## Task details
Can you transcribe every entry word for word, skipping the images?

## Provided entries
Segment Open
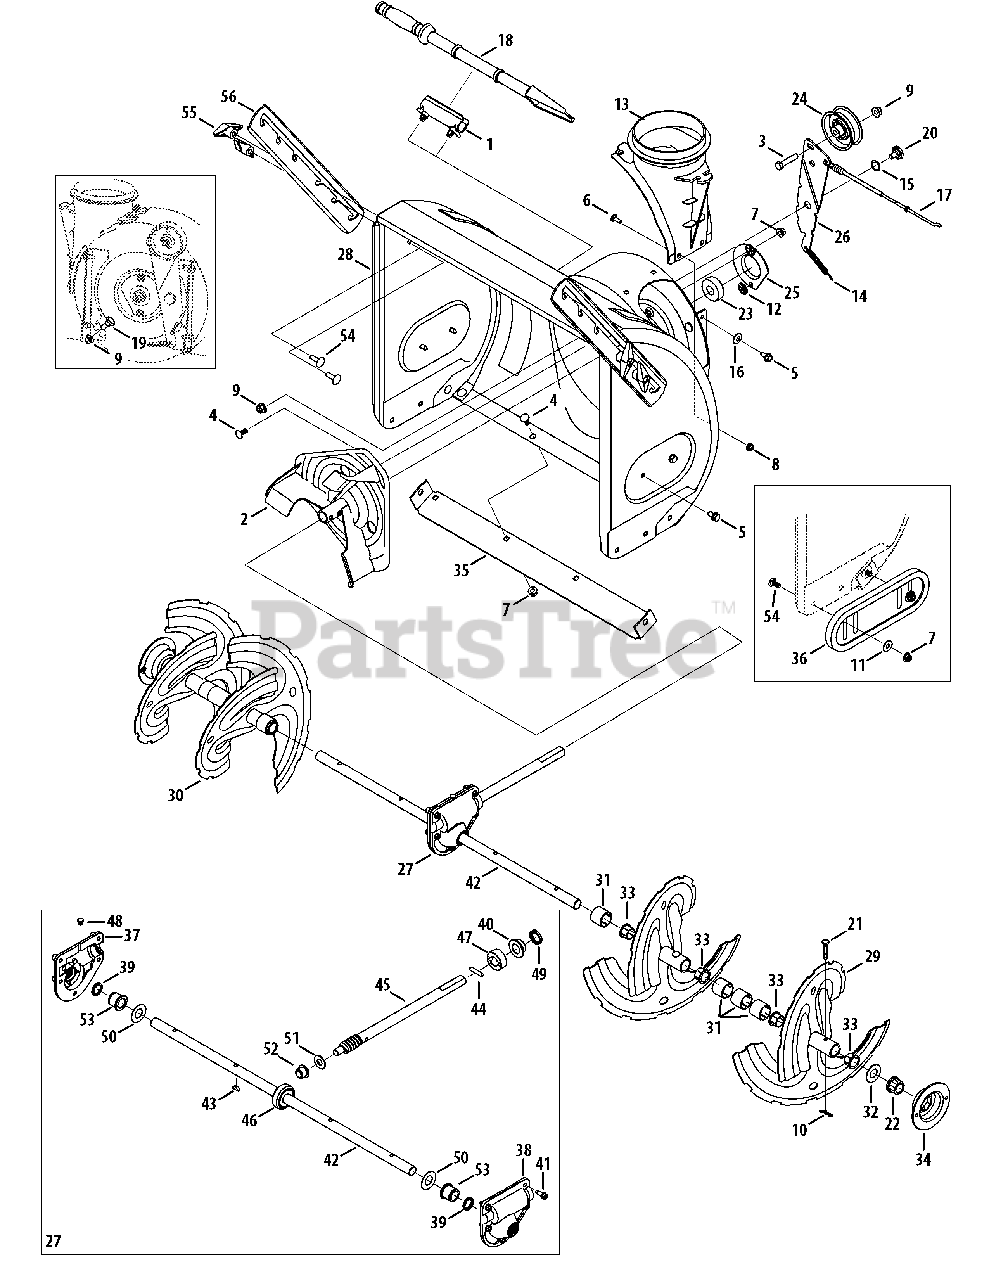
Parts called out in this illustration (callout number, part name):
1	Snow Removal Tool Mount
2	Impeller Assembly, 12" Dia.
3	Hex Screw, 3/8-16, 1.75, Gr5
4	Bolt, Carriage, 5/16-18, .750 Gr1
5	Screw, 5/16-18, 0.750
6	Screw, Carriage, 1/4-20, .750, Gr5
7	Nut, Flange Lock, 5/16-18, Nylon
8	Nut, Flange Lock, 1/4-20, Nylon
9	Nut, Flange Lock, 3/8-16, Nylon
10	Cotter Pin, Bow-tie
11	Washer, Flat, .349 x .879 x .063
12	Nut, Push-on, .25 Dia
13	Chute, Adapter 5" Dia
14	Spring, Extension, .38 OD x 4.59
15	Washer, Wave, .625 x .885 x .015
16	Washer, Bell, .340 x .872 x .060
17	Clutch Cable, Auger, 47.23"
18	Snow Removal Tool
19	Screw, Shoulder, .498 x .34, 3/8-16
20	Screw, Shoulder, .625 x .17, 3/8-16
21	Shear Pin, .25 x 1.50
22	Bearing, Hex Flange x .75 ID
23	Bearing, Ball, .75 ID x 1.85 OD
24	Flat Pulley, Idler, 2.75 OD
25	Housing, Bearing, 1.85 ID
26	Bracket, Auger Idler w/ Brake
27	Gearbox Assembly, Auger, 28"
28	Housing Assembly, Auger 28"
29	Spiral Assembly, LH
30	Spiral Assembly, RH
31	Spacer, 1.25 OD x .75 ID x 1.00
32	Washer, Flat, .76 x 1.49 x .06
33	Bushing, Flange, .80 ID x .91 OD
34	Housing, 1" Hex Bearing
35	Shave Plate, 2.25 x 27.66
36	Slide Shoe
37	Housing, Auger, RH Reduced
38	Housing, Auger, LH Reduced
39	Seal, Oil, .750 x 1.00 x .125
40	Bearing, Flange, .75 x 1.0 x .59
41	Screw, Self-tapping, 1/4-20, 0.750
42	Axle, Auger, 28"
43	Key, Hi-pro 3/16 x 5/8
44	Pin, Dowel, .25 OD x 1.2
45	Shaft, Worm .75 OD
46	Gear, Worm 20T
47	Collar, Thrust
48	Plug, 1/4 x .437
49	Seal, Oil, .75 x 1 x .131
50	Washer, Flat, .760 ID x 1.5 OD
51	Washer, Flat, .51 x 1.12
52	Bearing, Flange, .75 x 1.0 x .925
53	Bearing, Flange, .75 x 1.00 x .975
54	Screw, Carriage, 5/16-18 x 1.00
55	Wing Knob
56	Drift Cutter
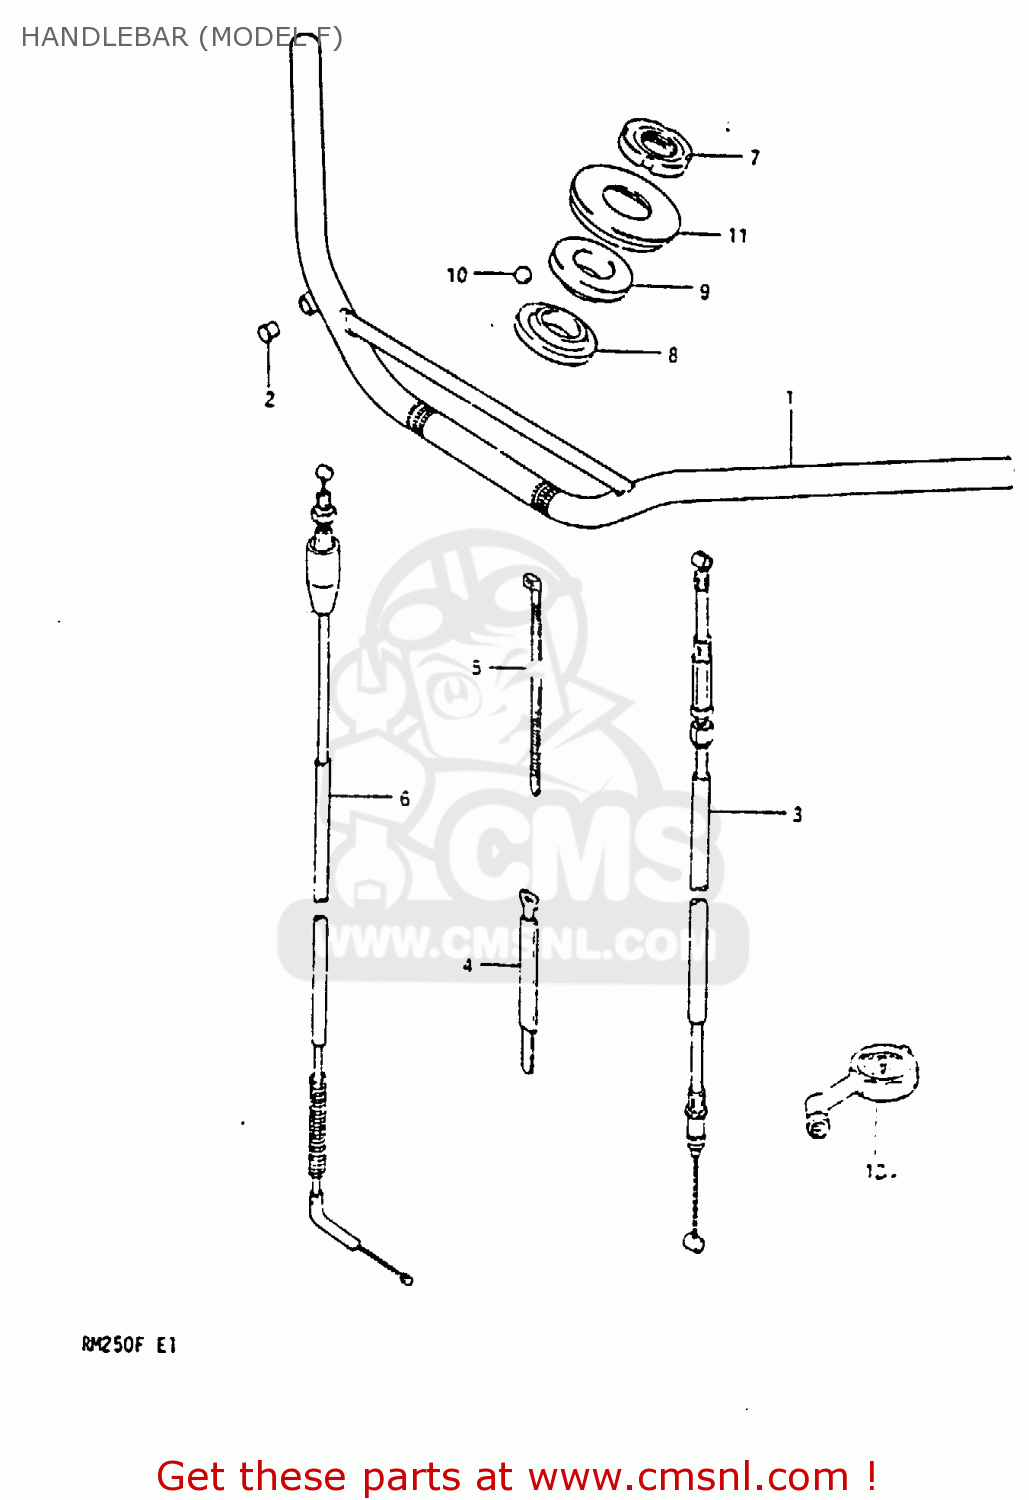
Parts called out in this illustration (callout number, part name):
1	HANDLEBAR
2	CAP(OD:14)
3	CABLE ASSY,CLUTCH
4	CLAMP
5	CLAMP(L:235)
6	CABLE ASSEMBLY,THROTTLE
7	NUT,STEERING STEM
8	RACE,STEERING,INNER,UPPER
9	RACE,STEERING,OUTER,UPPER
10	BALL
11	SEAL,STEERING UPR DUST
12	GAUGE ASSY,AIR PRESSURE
Segment Closed
## The answer
Parts called out in this illustration (callout number, part name):
1	Snow Removal Tool Mount
2	Impeller Assembly, 12" Dia.
3	Hex Screw, 3/8-16, 1.75, Gr5
4	Bolt, Carriage, 5/16-18, .750 Gr1
5	Screw, 5/16-18, 0.750
6	Screw, Carriage, 1/4-20, .750, Gr5
7	Nut, Flange Lock, 5/16-18, Nylon
8	Nut, Flange Lock, 1/4-20, Nylon
9	Nut, Flange Lock, 3/8-16, Nylon
10	Cotter Pin, Bow-tie
11	Washer, Flat, .349 x .879 x .063
12	Nut, Push-on, .25 Dia
13	Chute, Adapter 5" Dia
14	Spring, Extension, .38 OD x 4.59
15	Washer, Wave, .625 x .885 x .015
16	Washer, Bell, .340 x .872 x .060
17	Clutch Cable, Auger, 47.23"
18	Snow Removal Tool
19	Screw, Shoulder, .498 x .34, 3/8-16
20	Screw, Shoulder, .625 x .17, 3/8-16
21	Shear Pin, .25 x 1.50
22	Bearing, Hex Flange x .75 ID
23	Bearing, Ball, .75 ID x 1.85 OD
24	Flat Pulley, Idler, 2.75 OD
25	Housing, Bearing, 1.85 ID
26	Bracket, Auger Idler w/ Brake
27	Gearbox Assembly, Auger, 28"
28	Housing Assembly, Auger 28"
29	Spiral Assembly, LH
30	Spiral Assembly, RH
31	Spacer, 1.25 OD x .75 ID x 1.00
32	Washer, Flat, .76 x 1.49 x .06
33	Bushing, Flange, .80 ID x .91 OD
34	Housing, 1" Hex Bearing
35	Shave Plate, 2.25 x 27.66
36	Slide Shoe
37	Housing, Auger, RH Reduced
38	Housing, Auger, LH Reduced
39	Seal, Oil, .750 x 1.00 x .125
40	Bearing, Flange, .75 x 1.0 x .59
41	Screw, Self-tapping, 1/4-20, 0.750
42	Axle, Auger, 28"
43	Key, Hi-pro 3/16 x 5/8
44	Pin, Dowel, .25 OD x 1.2
45	Shaft, Worm .75 OD
46	Gear, Worm 20T
47	Collar, Thrust
48	Plug, 1/4 x .437
49	Seal, Oil, .75 x 1 x .131
50	Washer, Flat, .760 ID x 1.5 OD
51	Washer, Flat, .51 x 1.12
52	Bearing, Flange, .75 x 1.0 x .925
53	Bearing, Flange, .75 x 1.00 x .975
54	Screw, Carriage, 5/16-18 x 1.00
55	Wing Knob
56	Drift Cutter
Parts called out in this illustration (callout number, part name):
1	HANDLEBAR
2	CAP(OD:14)
3	CABLE ASSY,CLUTCH
4	CLAMP
5	CLAMP(L:235)
6	CABLE ASSEMBLY,THROTTLE
7	NUT,STEERING STEM
8	RACE,STEERING,INNER,UPPER
9	RACE,STEERING,OUTER,UPPER
10	BALL
11	SEAL,STEERING UPR DUST
12	GAUGE ASSY,AIR PRESSURE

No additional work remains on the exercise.